Most tribal leaders are religious conservatives who feel a responsibility to shelter fellow Muslims and are fiercely protective of their autonomy, which dates back to agreements struck with the British when they ruled the area as part of British India.

"The situation is very tense and most people have closed their shops because of the ongoing search operation in the area," a Wana resident, Mohammed Farooq, said by telephone. He said hundreds of heavily armed troops were swarming through the area looking for the Al Qaeda fighters.

During recent weeks, local government buildings and Pakistani troops have occasionally come under brief rocket and machinegun fire from unknown attackers, but no soldiers have been killed.

U.S. officials estimate that up to 1,000 Al Qaeda fighters still operate in small groups on both sides of the mountainous border area.
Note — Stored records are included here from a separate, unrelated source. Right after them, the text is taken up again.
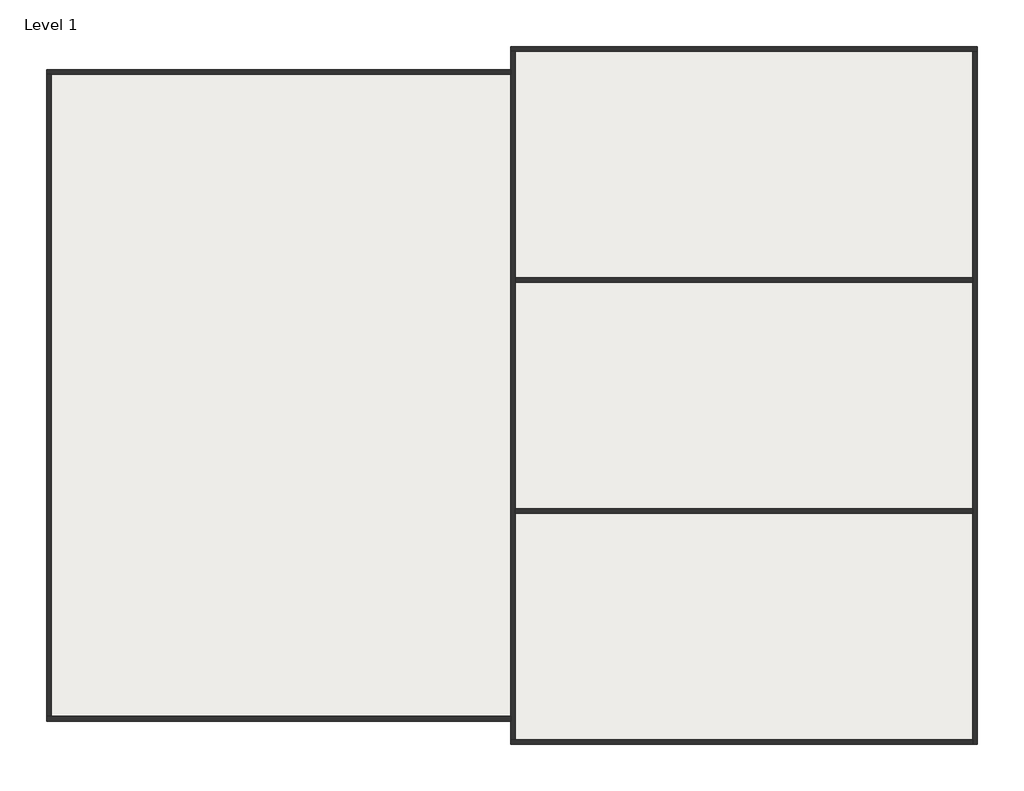
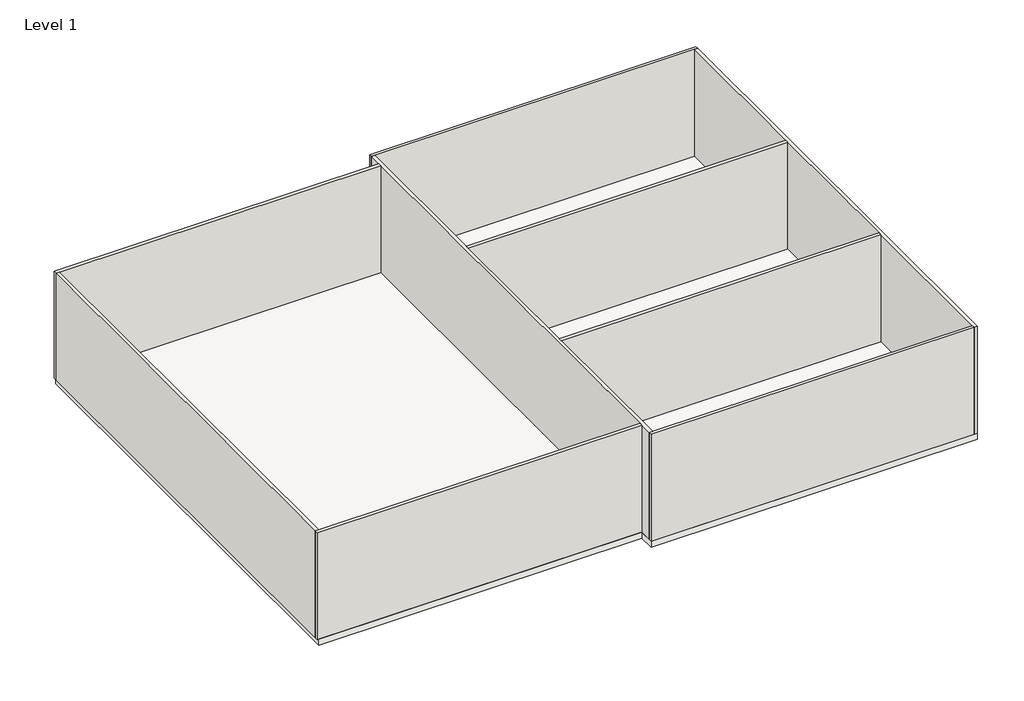
# One storey: 9 walls, 1 slab.
"""IFC4 building model written with IfcOpenShell, lengths in millimetres."""

from ifc_helpers import new_model, si_unit, frame, origin, origin_with_axes, place, context, project, spatial, polyline, outline, extrude, faceted_brep, element, save

model = new_model("IFC4")

# Units and contexts
model_context = context("Model", 3, world=origin())
ifc_project = project(units=[si_unit("LENGTHUNIT", "METRE", prefix="MILLI")], contexts=[model_context])

# Site, building, storey
site = spatial("IfcSite", under=ifc_project)
building = spatial("IfcBuilding", under=site)
storey = spatial("IfcBuildingStorey", under=building, Name="Level 1", Elevation=0.0)

# Slab
placement = place(None, origin())
element("IfcSlab", 1, ObjectType="Generic Floor - 400mm", at=placement, inside=storey, context=model_context, shape_type="SweptSolid", body=[
    extrude(outline(polyline([(15961.6453008, 15932.1645221), (15961.6453008, 16932.1645221), (36161.6453008, 16932.1645221), (36161.6453008, -13267.8354779), (15961.6453008, -13267.8354779), (15961.6453008, -12267.8354779), (-4038.3546992, -12267.8354779), (-4038.3546992, 15932.1645221), (15961.6453008, 15932.1645221)])), frame((0.0, 0.0, -400.0), z_axis=(0.0, 0.0, 1.0), x_axis=(1.0, 0.0, 0.0)), (0.0, 0.0, 1.0), 400.0),
])

# Walls
element("IfcWall", 2, ObjectType="Generic - 200mm", at=placement, inside=storey, context=model_context, shape_type="SweptSolid", body=[
    extrude(outline(polyline([(16161.6453008, 6932.1645221), (35961.6453008, 6932.1645221), (35961.6453008, 6732.1645221), (16161.6453008, 6732.1645221), (16161.6453008, 6932.1645221)])), origin_with_axes(), (0.0, 0.0, 1.0), 7000.0),
])
element("IfcWall", 3, ObjectType="Generic - 200mm", at=placement, inside=storey, context=model_context, shape_type="SweptSolid", body=[
    extrude(outline(polyline([(16161.6453008, -3067.8354779), (35961.6453008, -3067.8354779), (35961.6453008, -3267.8354779), (16161.6453008, -3267.8354779), (16161.6453008, -3067.8354779)])), origin_with_axes(), (0.0, 0.0, 1.0), 7000.0),
])
element("IfcWall", 4, ObjectType="Generic - 200mm", at=placement, inside=storey, context=model_context, shape_type="Brep", body=[
    faceted_brep([(16161.6453008, -13067.8354779, 0.0), (16161.6453008, -3267.8354779, 0.0), (16161.6453008, -3067.8354779, 0.0), (16161.6453008, 6732.1645221, 0.0), (16161.6453008, 6932.1645221, 0.0), (16161.6453008, 16732.1645221, 0.0), (16161.6453008, 16732.1645221, 7000.0), (16161.6453008, 6932.1645221, 7000.0), (16161.6453008, 6732.1645221, 7000.0), (16161.6453008, -3067.8354779, 7000.0), (16161.6453008, -3267.8354779, 7000.0), (16161.6453008, -13067.8354779, 7000.0), (15961.6453008, -13067.8354779, 0.0), (15961.6453008, -13067.8354779, 7000.0), (15961.6453008, -12267.8354779, 7000.0), (15961.6453008, -12067.8354779, 7000.0), (15961.6453008, 15732.1645221, 7000.0), (15961.6453008, 15932.1645221, 7000.0), (15961.6453008, 16732.1645221, 7000.0), (15961.6453008, 16732.1645221, 0.0), (15961.6453008, 15932.1645221, 0.0), (15961.6453008, 15732.1645221, 0.0), (15961.6453008, -12067.8354779, 0.0), (15961.6453008, -12267.8354779, 0.0)], [[[0, 1, 2, 3, 4, 5, 6, 7, 8, 9, 10, 11]], [[12, 13, 14, 15, 16, 17, 18, 19, 20, 21, 22, 23]], [[5, 4, 3, 2, 1, 0, 12, 23, 22, 21, 20, 19]], [[11, 10, 9, 8, 7, 6, 18, 17, 16, 15, 14, 13]], [[0, 11, 13, 12]], [[6, 5, 19, 18]]]),
])
element("IfcWall", 5, ObjectType="curtain wall - 200mm", at=placement, inside=storey, context=model_context, shape_type="Brep", body=[
    faceted_brep([(-4138.8546992, 15732.1645221, 0.0), (-3938.8546992, 15732.1645221, 0.0), (15961.6453008, 15732.1645221, 0.0), (15961.6453008, 15732.1645221, 7000.0), (-3938.8546992, 15732.1645221, 7000.0), (-4138.8546992, 15732.1645221, 7000.0), (-4138.8546992, 15932.1645221, 0.0), (-4138.8546992, 15932.1645221, 7000.0), (15961.6453008, 15932.1645221, 7000.0), (15961.6453008, 15932.1645221, 0.0)], [[[0, 1, 2, 3, 4, 5]], [[6, 7, 8, 9]], [[2, 1, 0, 6, 9]], [[5, 4, 3, 8, 7]], [[0, 5, 7, 6]], [[3, 2, 9, 8]]]),
])
element("IfcWall", 6, ObjectType="curtain wall - 200mm", at=placement, inside=storey, context=model_context, shape_type="Brep", body=[
    faceted_brep([(15961.6453008, 16732.1645221, 0.0), (16161.6453008, 16732.1645221, 0.0), (35961.6453008, 16732.1645221, 0.0), (36161.6453008, 16732.1645221, 0.0), (36161.6453008, 16732.1645221, 7000.0), (35961.6453008, 16732.1645221, 7000.0), (16161.6453008, 16732.1645221, 7000.0), (15961.6453008, 16732.1645221, 7000.0), (15961.6453008, 16932.1645221, 0.0), (15961.6453008, 16932.1645221, 7000.0), (36161.6453008, 16932.1645221, 7000.0), (36161.6453008, 16932.1645221, 0.0)], [[[0, 1, 2, 3, 4, 5, 6, 7]], [[8, 9, 10, 11]], [[3, 2, 1, 0, 8, 11]], [[7, 6, 5, 4, 10, 9]], [[4, 3, 11, 10]], [[0, 7, 9, 8]]]),
])
element("IfcWall", 7, ObjectType="curtain wall - 200mm", at=placement, inside=storey, context=model_context, shape_type="Brep", body=[
    faceted_brep([(35961.6453008, 16732.1645221, 0.0), (35961.6453008, 6932.1645221, 0.0), (35961.6453008, 6732.1645221, 0.0), (35961.6453008, -3067.8354779, 0.0), (35961.6453008, -3267.8354779, 0.0), (35961.6453008, -13067.8354779, 0.0), (35961.6453008, -13267.8354779, 0.0), (35961.6453008, -13267.8354779, 7000.0), (35961.6453008, -13067.8354779, 7000.0), (35961.6453008, -3267.8354779, 7000.0), (35961.6453008, -3067.8354779, 7000.0), (35961.6453008, 6732.1645221, 7000.0), (35961.6453008, 6932.1645221, 7000.0), (35961.6453008, 16732.1645221, 7000.0), (36161.6453008, 16732.1645221, 0.0), (36161.6453008, 16732.1645221, 7000.0), (36161.6453008, -13267.8354779, 7000.0), (36161.6453008, -13267.8354779, 0.0)], [[[0, 1, 2, 3, 4, 5, 6, 7, 8, 9, 10, 11, 12, 13]], [[14, 15, 16, 17]], [[6, 5, 4, 3, 2, 1, 0, 14, 17]], [[13, 12, 11, 10, 9, 8, 7, 16, 15]], [[0, 13, 15, 14]], [[7, 6, 17, 16]]]),
])
element("IfcWall", 8, ObjectType="curtain wall - 200mm", at=placement, inside=storey, context=model_context, shape_type="Brep", body=[
    faceted_brep([(35961.6453008, -13067.8354779, 0.0), (16161.6453008, -13067.8354779, 0.0), (15961.6453008, -13067.8354779, 0.0), (15961.6453008, -13067.8354779, 7000.0), (16161.6453008, -13067.8354779, 7000.0), (35961.6453008, -13067.8354779, 7000.0), (35961.6453008, -13267.8354779, 0.0), (35961.6453008, -13267.8354779, 7000.0), (15961.6453008, -13267.8354779, 7000.0), (15961.6453008, -13267.8354779, 0.0)], [[[0, 1, 2, 3, 4, 5]], [[6, 7, 8, 9]], [[2, 1, 0, 6, 9]], [[5, 4, 3, 8, 7]], [[0, 5, 7, 6]], [[3, 2, 9, 8]]]),
])
element("IfcWall", 9, ObjectType="curtain wall - 200mm", at=placement, inside=storey, context=model_context, shape_type="Brep", body=[
    faceted_brep([(15961.6453008, -12067.8354779, 0.0), (-3938.8546992, -12067.8354779, 0.0), (-4138.8546992, -12067.8354779, 0.0), (-4138.8546992, -12067.8354779, 7000.0), (-3938.8546992, -12067.8354779, 7000.0), (15961.6453008, -12067.8354779, 7000.0), (15961.6453008, -12267.8354779, 0.0), (15961.6453008, -12267.8354779, 7000.0), (-4138.8546992, -12267.8354779, 7000.0), (-4138.8546992, -12267.8354779, 0.0)], [[[0, 1, 2, 3, 4, 5]], [[6, 7, 8, 9]], [[2, 1, 0, 6, 9]], [[5, 4, 3, 8, 7]], [[0, 5, 7, 6]], [[3, 2, 9, 8]]]),
])
element("IfcWall", 10, ObjectType="curtain wall - 200mm", at=placement, inside=storey, context=model_context, shape_type="SweptSolid", body=[
    extrude(outline(polyline([(-3938.8546992, 15732.1645221), (-3938.8546992, -12067.8354779), (-4138.8546992, -12067.8354779), (-4138.8546992, 15732.1645221), (-3938.8546992, 15732.1645221)])), origin_with_axes(), (0.0, 0.0, 1.0), 7000.0),
])

save(model, "model.ifc")

# Revit data of these elements
# Project information
#   Project Issue Date = "Issue Date"
#   Project Status = "Project Status"
#   Client Name = "Owner"
#   Project Address = "Enter address here"
#   Project Name = "Project Name"
#   Project Number = "Project Number"
# Grids (mm)
#   "B": line (-13464.174, 15932.165) -> (41880.766, 15932.165)
#   "1": line (-4138.855, -18194.081) -> (-4138.855, 22725.592)
#   "2": line (16061.645, -19435.057) -> (16061.645, 22725.592)
#   "3": line (36161.645, -19435.057) -> (36161.645, 22725.592)
#   "A": line (-13464.174, -12267.835) -> (41880.766, -12267.835)
# Type "Generic Floor - 400mm"
#   Function = 0
#   Layers, outside or top first: 400 mm no material (function 1)
# Type "Generic - 200mm"
#   Layers, outside or top first: 200 mm no material (function 1)
# Type "curtain wall - 200mm"
#   Layers, outside or top first: 200 mm "Glass, Clear Glazing" (function 1)
# Element 1 (IfcSlab, "Generic Floor - 400mm")
#   Height Offset From Level = 0 mm
#   Phase Created = New Construction
#   Materials on its faces: "Default Floor"
# Elements 2, 3, 4 (IfcWall, "Generic - 200mm")
#   Top Offset = 0 mm
#   Base Offset = 0 mm
#   wall height = 7000 mm
#   Phase Created = New Construction
#   Base Constraint = Level 1
#   Top Constraint = Level 2
#   Materials on its faces: "Default Wall"
# Elements 5, 7, 9, 10 (IfcWall, "curtain wall - 200mm")
#   Top Offset = 0 mm
#   Base Offset = 0 mm
#   wall height = 7000 mm
#   Phase Created = New Construction
#   Base Constraint = Level 1
#   Top Constraint = Level 2
#   Materials on its faces: "Glass, Clear Glazing"
# Elements 6, 8 (IfcWall, "curtain wall - 200mm")
#   Top Offset = 0 mm
#   Base Offset = 0 mm
#   wall height = 7000 mm
#   Phase Created = New Construction
#   Base Constraint = Level 1
#   Top Constraint = Level 2
#   Materials on its faces: "Glass, Clear Glazing", "Default Wall"
# Materials
#   "Glass, Clear Glazing": class "Glass", colour RGB 0 128 192, transparency 0.75, Description = "Clear glazing", Cost = 0
#   "Default Floor": class "Miscellaneous", colour RGB 127 127 127, transparency 0, Cost = 0
#   "Default Wall": class "Miscellaneous", colour RGB 128 128 128, transparency 0, Cost = 0
# Room at (5886.89, 1766.376) mm, phase "New Construction", upper level "Level 2", upper offset 0 mm, lower offset 0 mm
#   Number = "1"
#   Name = "Room"
# Room at (26105.253, 11567.522) mm, phase "New Construction", upper level "Level 2", upper offset 0 mm, lower offset 0 mm
#   Number = "2"
#   Name = "Room"
# Room at (25993.24, 1934.396) mm, phase "New Construction", upper level "Level 2", upper offset 0 mm, lower offset 0 mm
#   Number = "3"
#   Name = "Room"
# Room at (26161.26, -8146.782) mm, phase "New Construction", upper level "Level 2", upper offset 0 mm, lower offset 0 mm
#   Number = "4"
#   Name = "Room"
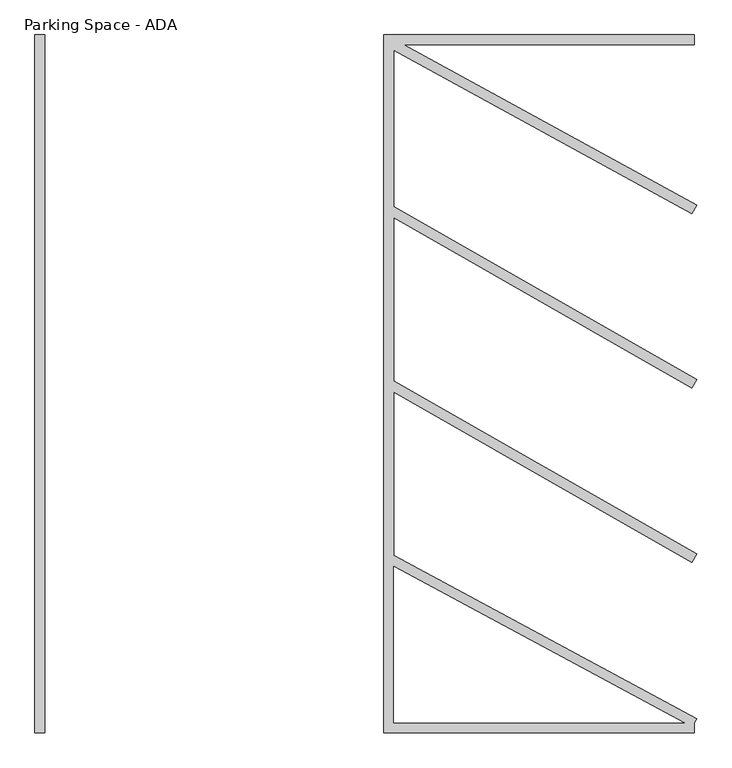
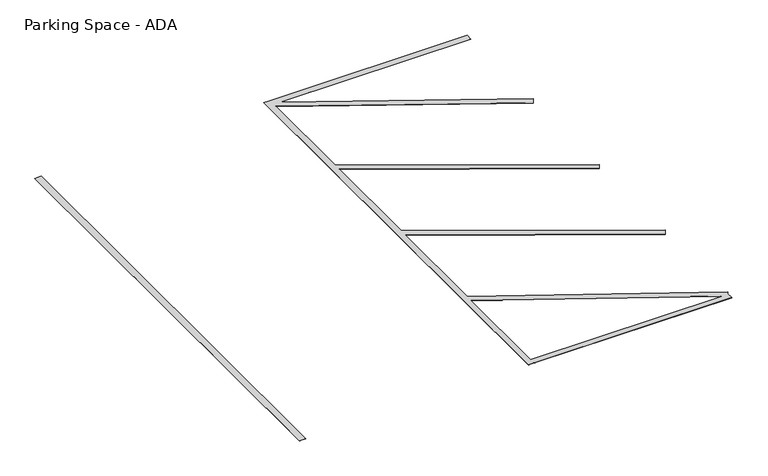
"""IFC4 building model written with IfcOpenShell, lengths in millimetres: proxy geometry, Parking Space - ADA : 9' x 18' (8' Aisle)."""

from ifc_helpers import new_model, si_unit, origin, origin_with_axes, place, context, project, spatial, polyline, outline, extrude, source, transform, mapped, element, save


def parking_space_ada_2abbe88e(model_context):
    return source(origin(), model_context, "Body", "SweptSolid", [
        extrude(outline(polyline([(4046.2620479, -859.2253385), (3970.0620479, -859.2253385), (3970.0620479, 4627.1746615), (4046.2620479, 4627.1746615), (6408.4620479, 4627.1746615), (6408.4620479, 4550.9746615), (4125.4996019, 4550.9746615), (6426.7817704, 3288.9812143), (6390.1423254, 3222.1681088), (4046.2620479, 4507.5218093), (4046.2620479, 3277.6849501), (6427.3649414, 1917.0547253), (6389.5591543, 1850.8945978), (4046.2620479, 3189.9215158), (4046.2620479, 1906.0849501), (6427.3649414, 545.4547253), (6389.5591543, 479.2945978), (4046.2620479, 1818.3215158), (4046.2620479, 535.1071205), (6426.55698, -749.4964937), (6408.4620479, -783.0253385), (6408.4620479, -859.2253385), (4046.2620479, -859.2253385)]), holes=[polyline([(6328.2401387, -783.0253385), (4046.2620479, 448.5183931), (4046.2620479, -783.0253385), (6328.2401387, -783.0253385)])]), origin_with_axes(), (0.0, 0.0, 1.0), 1.5875),
        extrude(outline(polyline([(1303.0620479, -859.2253385), (1226.8620479, -859.2253385), (1226.8620479, 4627.1746615), (1303.0620479, 4627.1746615), (1303.0620479, -859.2253385)])), origin_with_axes(), (0.0, 0.0, 1.0), 1.5875),
    ])


if __name__ == "__main__":
    model = new_model("IFC4")
    model_context = context("Model", 3, world=origin())
    ifc_project = project(units=[si_unit("LENGTHUNIT", "METRE", prefix="MILLI")], contexts=[model_context])
    site = spatial("IfcSite", under=ifc_project)
    building = spatial("IfcBuilding", under=site)
    placement = place(None, origin())
    parking_space_ada_shape = parking_space_ada_2abbe88e(model_context)
    element("IfcBuildingElementProxy", 1, Name="Parking Space - ADA : 9' x 18' (8' Aisle)", ObjectType="Parking Space - ADA : 9' x 18' (8' Aisle)", at=placement, inside=building, context=model_context, shape_type="MappedRepresentation", body=[
        mapped(parking_space_ada_shape, transform((0.0, 0.0, 0.0), x_axis=(1.0, 0.0, 0.0), y_axis=(0.0, 1.0, 0.0), z_axis=(0.0, 0.0, 1.0))),
    ])
    save(model, "model.ifc")

# Revit data of these elements
# Type "Parking Space - ADA : 9' x 18' (8' Aisle)"
#   Accesible Aisle = 2438.4 mm
#   Length = 5486.4 mm
#   Width = 2743.2 mm
# Element 1 (IfcBuildingElementProxy, "Parking Space - ADA : 9' x 18' (8' Aisle)")
#   Materials on its faces: "Parking Stripe"
# Materials
#   "Parking Stripe": class "Paint", colour RGB 250 250 91, transparency 0, Cost = 0
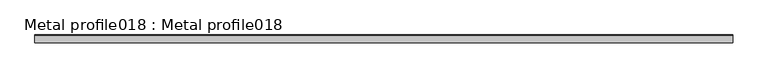
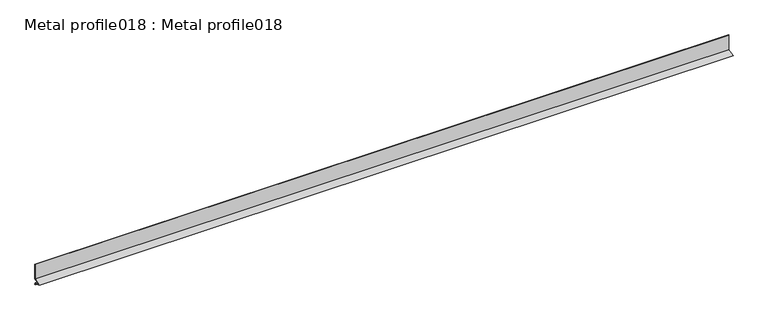
"""IFC4 building model written with IfcOpenShell, lengths in millimetres: proxy geometry, Metal profile018 : Metal profile018."""

from ifc_helpers import new_model, si_unit, frame, origin, place, context, project, spatial, polyline, outline, extrude, source, transform, mapped, element, save


def metal_profile018_metal_profile018_e56abe27(model_context):
    return source(origin(), model_context, "Body", "SweptSolid", [
        extrude(outline(polyline([(-4659.7667972, 36529.4059354), (-4661.0148598, 36529.1709038), (-4661.8381807, 36533.5428956), (-4681.9917972, 36540.0208437), (-4661.0367972, 36546.7563795), (-4661.0367972, 36590.8208437), (-4659.7667972, 36590.8208437), (-4659.7667972, 36545.8306002), (-4677.8415949, 36540.0208437), (-4660.7299923, 36534.5206858), (-4659.7667972, 36529.4059354)])), frame((12383.0178845, 0.0, 0.0), z_axis=(1.0, 0.0, 0.0), x_axis=(0.0, 1.0, 0.0)), (0.0, 0.0, 1.0), 2000.0),
    ])


if __name__ == "__main__":
    model = new_model("IFC4")
    model_context = context("Model", 3, world=origin())
    ifc_project = project(units=[si_unit("LENGTHUNIT", "METRE", prefix="MILLI")], contexts=[model_context])
    site = spatial("IfcSite", under=ifc_project)
    building = spatial("IfcBuilding", under=site)
    placement = place(None, origin())
    metal_profile018_metal_profile018_shape = metal_profile018_metal_profile018_e56abe27(model_context)
    element("IfcBuildingElementProxy", 1, Name="Metal profile018 : Metal profile018", ObjectType="Metal profile018 : Metal profile018", at=placement, inside=building, context=model_context, shape_type="MappedRepresentation", body=[
        mapped(metal_profile018_metal_profile018_shape, transform((0.0, 0.0, 0.0), x_axis=(1.0, 0.0, 0.0), y_axis=(0.0, 1.0, 0.0), z_axis=(0.0, 0.0, 1.0))),
    ])
    save(model, "model.ifc")

# Revit data of these elements
# Type "Metal profile018 : Metal profile018"
#   NameOverride = "Metal profile018"
# Element 1 (IfcBuildingElementProxy, "Metal profile018 : Metal profile018")
#   Materials on its faces: "16 GA. COPPER WEEP SCREED W/ MIN 3 1/2\" ATTACHMENT FLANGE - LAP UNDERLAYMENT OVER WEED SCREED"
# Materials
#   "16 GA. COPPER WEEP SCREED W/ MIN 3 1/2\" ATTACHMENT FLANGE - LAP UNDERLAYMENT OVER WEED SCREED": class "Unassigned", colour RGB 255 237 20, transparency 0

The United States considers the Al Qaeda and Taliban presence in Konar and nearby Afghan provinces a significant grouping, but its scope is not fully clear, said a U.S. official speaking on condition of anonymity. That presence includes Afghan and Arab hard-core fighters and possibly some senior leadership, the official said, declining to provide more details.

On Saturday, Musharraf said Pakistan has arrested about 300 suspected Al Qaeda and Taliban fighters in the border area, which is largely outside the control of the central government and dominated by local tribal leaders.

Musharraf, however, faces domestic criticism from conservative religious groups who sympathized with the Taliban regime in Afghanistan and who consider the war on terrorism to be a Western campaign against Islam.

U.S. and British troops have been scouring border areas in southeastern Afghanistan for weeks looking for Al Qaeda and Taliban holdouts. They have found several weapons caches, but few fighters.